Read Omens Page 15


  So I was footing the big bill for a cab to Chicago. And where was I going? To pay a visit to Niles Gunderson.

  Madness, of course. But it was the only avenue of investigation I could see. He must have been off his meds when he came to the house. By now he'd be back home, on his regime and lucid. With my new look, a little role-playing, a few shadows, and a lot of luck, I might be able to convince him that I was an old friend of Anna's looking for her phone number. I'd tried calling of course but he wouldn't answer. Maybe because he didn't recognize the number.

  When I reached the apartment, I knew the "few shadows" part of the equation would be easy. A week ago, I'd have said Gunderson's building was little more than tenement housing. Now, having seen actual tenements, I knew better.

  It was just a tired building on a tired street, filled with people who looked equally tired, trudging along without even a glance my way. Inside, the building was quieter than I might have expected. Darker, too. Hence the shadows. It was like walking into a tunnel, gray and gloomy and empty, with dark walls and irregular lighting.

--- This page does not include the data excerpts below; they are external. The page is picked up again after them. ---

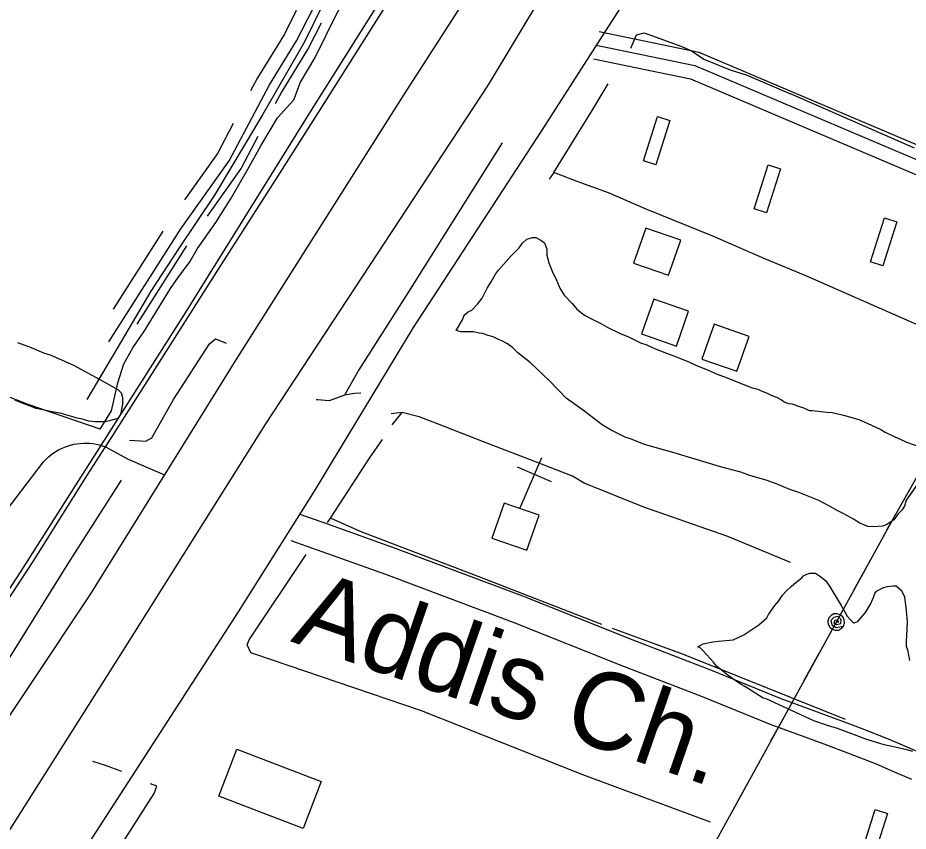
# Model space of a CAD drawing. Extents: x 3297735 to 3335592, y 670436 to 695807.
# Drawn here: x 3304826 to 3305787, y 679947 to 680825 of the extents above; entities that cross this region are included whole.
import ezdxf

# ---------------------------------------------------------------- set-up
doc = ezdxf.new("R2010")
doc.units = 0
for name, color, linetype in [('V-BLDG-OTLN', 7, 'Continuous'), ('V-DTCH-CNTR', 7, 'Continuous'), ('V-RAIL-TRAK', 7, 'Continuous'), ('V-ROAD-CNTR', 7, 'Continuous'), ('V-SITE-OTLN', 7, 'Continuous'), ('V-SITE-OTLN-IDEN', 7, 'Continuous'), ('V-SITE-VEGE', 7, 'Continuous'), ('V-TOPO-SHOR', 7, 'Continuous'), ('V-UTIL-LINE', 7, 'Continuous')]:
    doc.layers.add(name, color=color, linetype=linetype)

msp = doc.modelspace()

# ---------------------------------------------------------------- linework, layer by layer
at = {"layer": 'V-BLDG-OTLN'}
for points in [[(3305501.31, 680670.61), (3305516.49, 680718.26), (3305529.83, 680714.01), (3305514.65, 680666.37)], [(3305620.71, 680618.54), (3305635.89, 680666.18), (3305649.22, 680661.93), (3305634.05, 680614.29)], [(3305746.46, 680561.38), (3305761.63, 680609.02), (3305774.97, 680604.77), (3305759.8, 680557.13)], [(3305490.67, 680560.23), (3305528.43, 680547.04), (3305541.63, 680584.8), (3305503.87, 680597.99)], [(3305499.12, 680483.6), (3305536.88, 680470.41), (3305550.07, 680508.17), (3305512.31, 680521.36)], [(3305564.42, 680456.49), (3305602.18, 680443.29), (3305615.37, 680481.05), (3305577.61, 680494.25)], [(3305350.72, 680301.05), (3305337.64, 680263.26), (3305375.43, 680250.17), (3305388.52, 680287.97)], [(3305133.73, 679949.62), (3305042.61, 679984.66), (3305062.1, 680035.35), (3305153.22, 680000.31)], [(3305736.3, 679922.49), (3305751.47, 679970.13), (3305764.81, 679965.88), (3305749.64, 679918.24)]]:
    msp.add_lwpolyline(points, close=True, dxfattribs=at)
at = {"layer": 'V-DTCH-CNTR'}
msp.add_lwpolyline([(3305175.59, 680897.64), (3305165.1, 680860.04), (3305135.06, 680798.46), (3305089.71, 680720.07), (3305038.01, 680633.51), (3304999.23, 680575.7), (3304969.46, 680529.65), (3304932.68, 680467.67), (3304900.16, 680413.01)], dxfattribs=at)
at = {"layer": 'V-RAIL-TRAK'}
msp.add_lwpolyline([(3304812.9, 680192.87), (3304842.36, 680237.97), (3304900.87, 680331.46), (3304920.4, 680361.71), (3304920.68, 680362.15), (3304978.68, 680453.3), (3305042.48, 680553.75), (3305106.28, 680653.73), (3305158.96, 680736.51), (3305210.69, 680818.37), (3305268.21, 680909.06), (3305324.75, 680997.41), (3305392.93, 681105.78), (3305482.82, 681246.69), (3305532.13, 681324.82), (3305573.7, 681389.93), (3305618.64, 681460.62), (3305635.72, 681490.79)], dxfattribs=at)
at = {"layer": 'V-ROAD-CNTR'}
for points in [[(3304192.85, 679233.42), (3304383.75, 679531.72), (3304520.6, 679750.33), (3304668.87, 679982.13), (3304829.44, 680227.64), (3305006.62, 680506.34), (3305142.65, 680725.33), (3305300.92, 680976.53), (3305510.92, 681300.09), (3305638.29, 681505.23), (3305719.17, 681636.18), (3305863.44, 681851.35), (3306005.21, 682081.23), (3306061.06, 682162.32), (3306330.21, 682595.87), (3306503.15, 682864.6), (3306590.08, 683001.61), (3306814.19, 683347.98), (3307001.23, 683642.45)], [(3306935.72, 683397.47), (3306821.52, 683219.58), (3306763.38, 683128.22), (3306646.62, 682952.6), (3306529.41, 682762.24), (3306445.85, 682630.84), (3306357.8, 682493.74), (3306039.37, 681989.61), (3305799.42, 681614.07), (3305636.13, 681359.51), (3305375.21, 680948.71), (3305242.54, 680742.1), (3305061.27, 680455.59), (3304904.14, 680203.02), (3304778.49, 680014.88), (3304644.66, 679807.27), (3304577.47, 679692.08), (3304453.49, 679500.24), (3304351.46, 679340.12)], [(3304296.8, 679131.01), (3304485.25, 679427.52), (3304643.83, 679677.72), (3304822.05, 679956.18), (3304944.12, 680149.21), (3305093.52, 680386.42), (3305333.93, 680752.5), (3305421.35, 680898.36), (3305571.19, 681134.36), (3305709.91, 681350.87), (3305849.83, 681574.6), (3306021.1, 681837.88), (3306128.36, 682008.28), (3306220.68, 682150.94), (3306399.48, 682433.29), (3306516.46, 682614.36), (3306652.65, 682828.73), (3306746.74, 682982.51), (3306824.47, 683104.14), (3306933.16, 683263.02)], [(3306969.52, 683182.78), (3306796.78, 682899.7), (3306629.03, 682638.88), (3306468.46, 682384.21), (3306342.77, 682184.53), (3306280.53, 682098.94), (3306181.18, 681937.81), (3306004.19, 681667.49), (3305918.92, 681528.25), (3305814.29, 681358.87), (3305644.02, 681099.75), (3305514.04, 680886.82), (3305487.87, 680854.28), (3305391.59, 680703.59), (3305252.58, 680490.45), (3305145.5, 680313.95), (3305063.44, 680183.47), (3304875.21, 679892.41), (3304792.73, 679761.66), (3304683.13, 679590.72), (3304601.25, 679460.93), (3304535.25, 679358.28)], [(3304923.92, 680474.98), (3305001.81, 680597.3), (3305053.92, 680670.5), (3305097.57, 680752.7), (3305126.56, 680799.95), (3305150.59, 680847.12), (3305162.89, 680884.47), (3305163.32, 680911.31)], [(3305126.4, 680832.69), (3305113.47, 680807.29), (3305084.54, 680760.15), (3305077.07, 680746.08)], [(3305153.14, 680819.07), (3305139.66, 680792.61), (3305110.6, 680745.25), (3305103.57, 680732.01)], [(3305453.29, 680810.11), (3305561.21, 680787.92), (3306049.51, 680580.63), (3306850.57, 680238.77)], [(3305450.26, 680795.42), (3305556.72, 680773.53), (3306043.64, 680566.83), (3306844.69, 680224.97)], [(3305447.24, 680780.73), (3305552.23, 680759.14), (3306037.76, 680553.02), (3306838.8, 680211.18)], [(3305058.31, 680710.75), (3305041.13, 680678.4), (3305005.52, 680628.37)], [(3305084.81, 680696.68), (3305066.71, 680662.6), (3305029.96, 680610.97)], [(3304982.42, 680594.78), (3304928.71, 680510.43)], [(3305007.73, 680578.67), (3304954.02, 680494.31)], [(3304800.91, 680276.8), (3304829.29, 680313.92), (3304853.35, 680345.48), (3304855.75, 680348.02), (3304858.3, 680350.42), (3304860.98, 680352.67), (3304863.78, 680354.76), (3304866.7, 680356.69), (3304869.73, 680358.44), (3304872.85, 680360.02), (3304876.06, 680361.41), (3304879.34, 680362.62), (3304882.68, 680363.64), (3304886.08, 680364.46), (3304889.52, 680365.08), (3304892.98, 680365.51), (3304896.47, 680365.73), (3304899.96, 680365.76), (3304903.45, 680365.58), (3304906.92, 680365.2), (3304910.36, 680364.62), (3304913.76, 680363.85), (3304917.11, 680362.88), (3304920.4, 680361.71)], [(3304920.4, 680361.71), (3304944.9, 680348.6), (3304984.07, 680331.51)], [(3305130.29, 680289.06), (3305159.09, 680278.99), (3305233.21, 680252.47), (3305370.51, 680200.76), (3305489.63, 680153.2), (3305575.55, 680120.13), (3305649.68, 680089.96), (3305678.04, 680079.71), (3305706.65, 680069.1), (3305735.18, 680058.27), (3305763.82, 680047.12), (3305783.07, 680038.82), (3305802.09, 680030.8)], [(3305120.39, 680260.75), (3305149.08, 680250.71), (3305222.87, 680224.3), (3305359.66, 680172.79), (3305478.68, 680125.27), (3305564.5, 680092.23), (3305638.92, 680061.95), (3305667.73, 680051.53), (3305696.12, 680041.01), (3305724.42, 680030.26), (3305752.44, 680019.36), (3305771.31, 680011.22), (3305790.54, 680003.11)]]:
    msp.add_lwpolyline(points, dxfattribs=at)
at = {"layer": 'V-SITE-OTLN'}
for p, q in [((3305367.85, 680295.12), (3305391.49, 680350.26)), ((3305401.99, 680324), (3305365.23, 680339.76))]:
    msp.add_line(p, q, dxfattribs=at)
at = {"layer": 'V-SITE-VEGE'}
for points in [[(3305809.18, 680338.47), (3305785.03, 680304.04), (3305783.12, 680297.67), (3305780.23, 680293.24), (3305776.35, 680289.3), (3305771.52, 680282.9), (3305768.11, 680280.43), (3305763.25, 680277.46), (3305759.35, 680275.96), (3305749.58, 680275.39), (3305743.71, 680275.83), (3305734.88, 680279.18), (3305728, 680283.52), (3305717.68, 680289.3), (3305711.3, 680292.66), (3305702.95, 680297.48), (3305697.54, 680300.37), (3305690.67, 680303.74), (3305669.09, 680312.36), (3305659.28, 680315.69), (3305645.55, 680321.45), (3305634.76, 680325.27), (3305616.13, 680330.98), (3305606.33, 680334.32), (3305584.28, 680340), (3305569.08, 680344.76), (3305534.29, 680355.22), (3305502.43, 680364.24), (3305487.22, 680370.47), (3305482.32, 680371.9), (3305465.63, 680380.07), (3305456.79, 680385.37), (3305438.09, 680399.88), (3305426.29, 680408.09), (3305417.92, 680414.38), (3305400.17, 680432.81), (3305378.98, 680452.67), (3305365.69, 680463.31), (3305359.77, 680469.13), (3305354.36, 680473), (3305348.96, 680475.89), (3305345.52, 680477.32), (3305339.14, 680480.69), (3305333.75, 680482.11), (3305327.38, 680484.02), (3305323.95, 680484.48), (3305317.59, 680485.89), (3305303.9, 680485.77), (3305299, 680487.2), (3305305.74, 680498.99), (3305307.66, 680503.89), (3305312.03, 680507.35), (3305315.92, 680509.34), (3305322.23, 680515.75), (3305327.06, 680522.15), (3305332.35, 680532.95), (3305336.69, 680539.83), (3305341.51, 680548.18), (3305344.89, 680552.61), (3305358.45, 680567.88), (3305367.18, 680576.75), (3305370.56, 680581.67), (3305375.41, 680586.11), (3305377.85, 680586.62), (3305381.26, 680587.62), (3305385.18, 680587.66), (3305390.58, 680584.77), (3305394.51, 680581.87), (3305397.02, 680575.05), (3305397.07, 680568.69), (3305399.09, 680560.4), (3305403.58, 680549.68), (3305406.57, 680543.35), (3305411.06, 680533.12), (3305415.52, 680525.33), (3305424.4, 680516.61), (3305429.34, 680510.3), (3305437.7, 680504.01)], [(3305437.7, 680504.01), (3305444.58, 680500.16), (3305455.38, 680494.87), (3305462.75, 680490.53), (3305476, 680484.29), (3305484.34, 680480.94), (3305498.08, 680474.2), (3305504.95, 680471.82), (3305513.29, 680467.98), (3305526.05, 680462.71), (3305535.85, 680459.37), (3305551.06, 680453.14), (3305557.93, 680449.78), (3305571.18, 680444.51), (3305580.99, 680440.19), (3305591.78, 680436.37), (3305599.63, 680433.02), (3305618.76, 680425.36), (3305623.66, 680424.42), (3305630.04, 680421.54), (3305634.94, 680419.62), (3305639.85, 680417.22), (3305644.76, 680415.31), (3305650.16, 680412.42), (3305653.11, 680410.49)], [(3304825.37, 680474.42), (3304840.08, 680469.16), (3304853.33, 680463.41), (3304860.69, 680461.03), (3304885.71, 680449.99), (3304914.2, 680434.59), (3304933.84, 680423.51), (3304937.3, 680420.12), (3304938.8, 680415.24), (3304938.87, 680407.42), (3304936.52, 680396.64), (3304933.13, 680392.21), (3304924.84, 680389.7), (3304919.47, 680388.68), (3304909.21, 680388.59), (3304902.35, 680389.51), (3304894.02, 680391.88), (3304889.61, 680392.83), (3304872.95, 680397.57), (3304862.67, 680399.44), (3304845.53, 680403.21), (3304834.25, 680407.51), (3304822.47, 680412.31)], [(3305653.11, 680410.49), (3305657.52, 680408.57), (3305661.44, 680408.11), (3305670.76, 680404.77), (3305675.17, 680403.34), (3305680.08, 680400.94), (3305683.5, 680400.96), (3305699.16, 680399.14), (3305705.03, 680398.7), (3305714.33, 680396.82), (3305717.28, 680395.87), (3305733.94, 680391.12), (3305742.77, 680387.28), (3305757.49, 680380.56), (3305762.41, 680377.67), (3305772.72, 680372.38), (3305778.6, 680369.99), (3305785.48, 680366.62), (3305800.68, 680361.37)], [(3305792.2, 680032.77), (3305785.82, 680034.67), (3305773.09, 680037.5), (3305761.34, 680039.84), (3305741.24, 680046.03), (3305728.98, 680050.81), (3305710.83, 680057.51), (3305700.05, 680060.84), (3305685.34, 680066.09), (3305633.81, 680089.61), (3305630.38, 680090.56), (3305613.66, 680101.18), (3305603.84, 680106.96), (3305597.94, 680111.31), (3305591.05, 680116.14), (3305584.65, 680121.47), (3305580.22, 680124.85), (3305576.76, 680129.22), (3305565.9, 680141.35), (3305562.45, 680144.75), (3305560, 680145.7), (3305565.84, 680149.18), (3305576.09, 680151.22), (3305582.44, 680151.76), (3305598.07, 680153.36), (3305609.76, 680158.83), (3305619.48, 680165.27), (3305625.8, 680169.72), (3305634.54, 680177.13), (3305636.46, 680180.57), (3305643.22, 680190.4), (3305647.58, 680195.33), (3305651.44, 680201.72), (3305654.83, 680205.66), (3305660.65, 680211.08), (3305665.99, 680215.53), (3305672.31, 680220.47), (3305674.25, 680222.44), (3305677.65, 680224.43), (3305681.06, 680225.43), (3305686.93, 680225.48), (3305691.35, 680222.59), (3305697.75, 680217.26), (3305702.2, 680211.43), (3305714.6, 680190.51), (3305719.07, 680182.73), (3305721.06, 680178.84), (3305725, 680174.96), (3305726.48, 680173.01), (3305728.45, 680171.56), (3305732.84, 680173.07), (3305741.06, 680182.91), (3305746.37, 680191.76), (3305749.73, 680199.12), (3305751.16, 680203.53), (3305753.09, 680205.99), (3305759.91, 680209.47), (3305764.3, 680210.98), (3305770.65, 680211.52), (3305774.07, 680211.55), (3305779.98, 680206.71), (3305782.97, 680199.89), (3305785.05, 680184.75), (3305786.13, 680173.03), (3305785.28, 680157.86), (3305784.84, 680151.99), (3305784.88, 680146.62), (3305786.38, 680142.72), (3305788.44, 680131)]]:
    msp.add_lwpolyline(points, dxfattribs=at)
at = {"layer": 'V-TOPO-SHOR'}
for p, q in [((3305793.81, 680684.37), (3305660.05, 680742.72)), ((3305229.99, 680385.45), (3305240.58, 680398.94)), ((3305196.4, 680269.98), (3305163.2, 680284.85))]:
    msp.add_line(p, q, dxfattribs=at)
for points in [[(3304914.58, 680380.82), (3304926.84, 680400.65), (3304933.56, 680430.92), (3304940.12, 680451.27), (3304949.72, 680468.47), (3304962.44, 680486.85), (3304990.52, 680532.87), (3304998.78, 680544.51), (3305011.48, 680561.66), (3305019.79, 680575.77), (3305039.5, 680603.96), (3305056.08, 680630.33), (3305073.99, 680661.65), (3305088.06, 680686.83), (3305105.95, 680716.91), (3305123.65, 680736.44), (3305130.8, 680755.54), (3305146.76, 680781.93), (3305169.26, 680828.05), (3305189.1, 680863.67), (3305197.57, 680887.09), (3305221.79, 680925.11)], [(3305487.47, 680792.31), (3305493.92, 680806.46), (3305502.02, 680808.8), (3305542.68, 680793.84), (3305553.15, 680789.32), (3305566.63, 680780.4), (3305594.95, 680768.75), (3305612.22, 680763.49), (3305660.05, 680742.72)], [(3305404.54, 680657.96), (3305446, 680724.83), (3305463.24, 680753.67)], [(3305348.62, 680690.06), (3305247.61, 680529.02), (3305193.94, 680444.77), (3305178.3, 680417.39)], [(3305675.94, 680546.56), (3305632.34, 680564.72), (3305576.34, 680589.26), (3305504.3, 680618.41), (3305463.68, 680635.85), (3305429.79, 680648.22), (3305404.54, 680657.96), (3305399.45, 680650.61)], [(3304914.58, 680380.82), (3304836.76, 680407.58), (3304666.22, 680473.71), (3304470.45, 680549.9), (3304412.48, 680572.88)], [(3306582.01, 680166.18), (3306460.5, 680216.61), (3306275.72, 680293.97), (3306209.73, 680321.65), (3306084.7, 680377.08), (3305932.53, 680439.63), (3305803.67, 680490.77), (3305675.94, 680546.56)], [(3304946.42, 680369.12), (3304963.83, 680367.76), (3304970.24, 680371.35), (3304993.69, 680412.7), (3305032.79, 680472.82), (3305039.23, 680478.52), (3305050.78, 680473.56)], [(3305196.2, 680419.82), (3305189.32, 680419.26), (3305178.3, 680417.39), (3305161.72, 680411.49), (3305149.37, 680412.39), (3305148, 680412.42)], [(3305660.05, 680236.85), (3305592.34, 680265.1), (3305501.73, 680296.44), (3305437.07, 680322.36), (3305424.8, 680330.02), (3305382.92, 680346.24), (3305328.71, 680367.03), (3305278.81, 680386.49), (3305259.1, 680394.28), (3305240.58, 680398.94), (3305228.77, 680397.28)], [(3305160.18, 680280.22), (3305163.2, 680284.85), (3305205.33, 680349.48), (3305219.42, 680369.84)], [(3304703.53, 679958.35), (3304736.63, 680007.47), (3304777.53, 680072.11), (3304797.5, 680103.68), (3304879.6, 680234.94), (3304937.73, 680325.92)], [(3305456.31, 680170.02), (3305322.61, 680221.78), (3305196.4, 680269.98)], [(3305573.48, 679956.48), (3305435.65, 680007.62), (3305261.73, 680076.56), (3305081.5, 680138.06), (3305077.4, 680139.5), (3305073.42, 680147.81), (3305075.58, 680153.27), (3305136.92, 680245.6)], [(3305719.61, 680067.26), (3305544.34, 680137.59), (3305467.91, 680165.7)], [(3304938.13, 680011.32), (3304920.39, 680017.8), (3304906.73, 680022.16)], [(3304888.01, 679853.55), (3304927.56, 679916.73), (3304972.74, 679987.37), (3304975.63, 679995.56), (3304968.8, 679997.74)]]:
    msp.add_lwpolyline(points, dxfattribs=at)
at = {"layer": 'V-UTIL-LINE'}
for points in [[(3307600.59, 683492.75), (3306458.11, 681495.33), (3305771.88, 680286.2), (3305158.59, 679171.27)], [(3305780.46, 680301.31), (3305771.88, 680286.2), (3305763.87, 680271.63)], [(3305744.59, 680236.58), (3305728.2, 680206.79)], [(3305709.41, 680172.62), (3305712.27, 680172.92), (3305710.75, 680174.68), (3305708.02, 680174.33), (3305706.91, 680171.62), (3305709.8, 680169.85), (3305714.33, 680171.04), (3305714.65, 680175.3), (3305711.16, 680178.69), (3305706.71, 680177.64), (3305703.75, 680174.28), (3305704.65, 680169.54), (3305709.31, 680166.61), (3305717.29, 680168.29), (3305718.35, 680171.64), (3305718.05, 680175.13), (3305716.43, 680178.25), (3305713.75, 680180.51), (3305710.4, 680181.57), (3305706.9, 680181.27), (3305703.78, 680179.65), (3305701.52, 680176.96), (3305700.46, 680173.61), (3305700.77, 680170.12), (3305702.38, 680167), (3305705.07, 680164.74), (3305708.42, 680163.68), (3305711.92, 680163.98), (3305715.03, 680165.6), (3305717.29, 680168.29)], [(3305690.61, 680138.45), (3305674.22, 680108.66)], [(3305654.94, 680073.61), (3305638.56, 680043.82)], [(3305619.28, 680008.77), (3305602.89, 679978.98)]]:
    msp.add_lwpolyline(points, dxfattribs=at)

# ---------------------------------------------------------------- texts
at = {"layer": 'V-SITE-OTLN-IDEN'}
msp.add_text('Addis Ch.', height=83, rotation=340.89927, dxfattribs=at).set_placement((3305119.35, 680151.92))

doc.saveas('drawing.dxf')

  As I made my way up to Gunderson's fifth-floor apartment, I began to think that maybe this desolate place wasn't exactly where I wanted to meet a man who'd tried to kill me.

  This was crazy. Bat-shit crazy. With every step, I thought of new and more colorful descriptions of my decision to visit Niles Gunderson. But I kept walking.

  His door was at the far end of the hall. I gathered my courage and knocked. As I did, I noticed something on the floor. A splash of red.

  Blood.

  It took only an eye-blink to tell me it was just a plastic poppy, the kind you wear at Remembrance Day, though we were about as far in the calendar as you could get from November 11.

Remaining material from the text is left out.